Supplied entries =
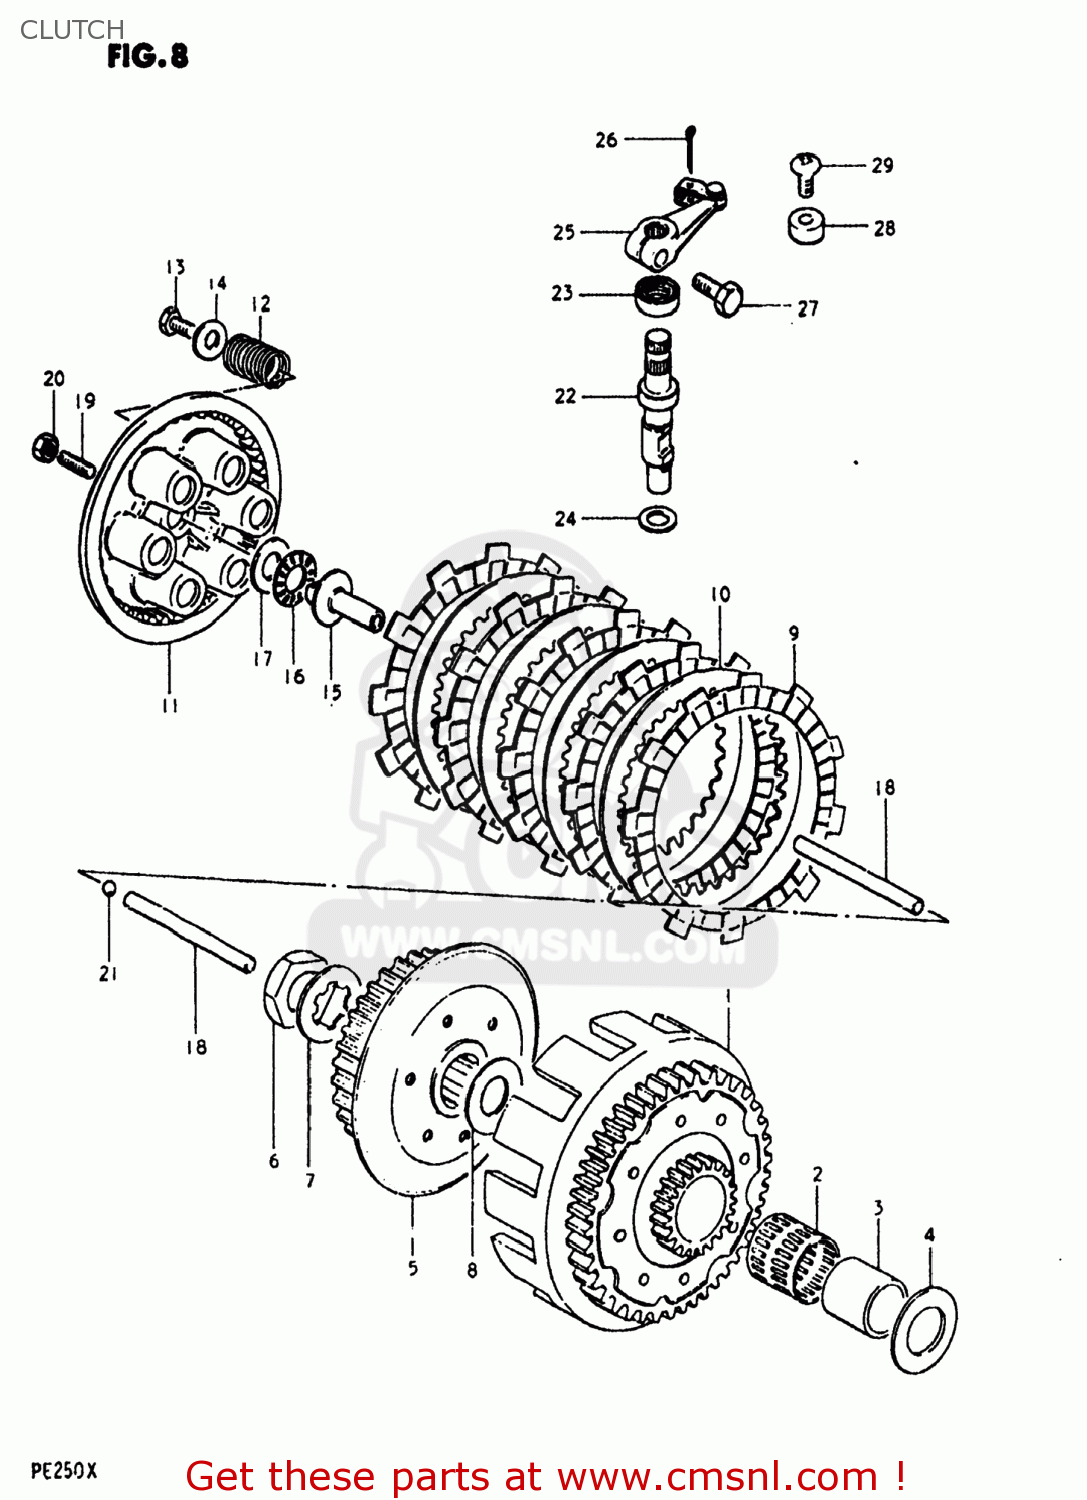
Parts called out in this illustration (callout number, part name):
1	GEAR ASSEMBLY,PRIMARY DRIVE
2	ROLLER BEARING (25X30X2
3	SPACER
4	WASHER(20X38X2)
5	HUB,CLUTCH SLEEVE
6	NUT (20MM)
7	WASHER,LOCK
8	WASHER(20X38X2)
9	PLATE,CLUTCH DRIVE (MCA)
10	PLATE,CLUTCH DRIVEN(T:2.0) (NAS)
11	DISC,CLUTCH PRESSURE
12	SPRING
13	BOLT, UPPER
14	WASHER
15	PIECE,CLUTCH PUSH
16	BEARING(15X28X2)
17	WASHER
18	ROD,CLUTCH PUSH
19	SCREW
20	NUT 6MM
21	BALL
22	SHAFT,CLUTCH RELEASE C
23	OIL SEAL
24	WASHER (14.2X22X1)
25	ARM,CLUTCH RELEASE
26	PIN
27	BOLT
28	GUIDE,CLUTCH CABLE
29	SCREW

What the task requires = List every line in the records above that contains the word "BEARING".

Solution to the problem =
2	ROLLER BEARING (25X30X2
16	BEARING(15X28X2)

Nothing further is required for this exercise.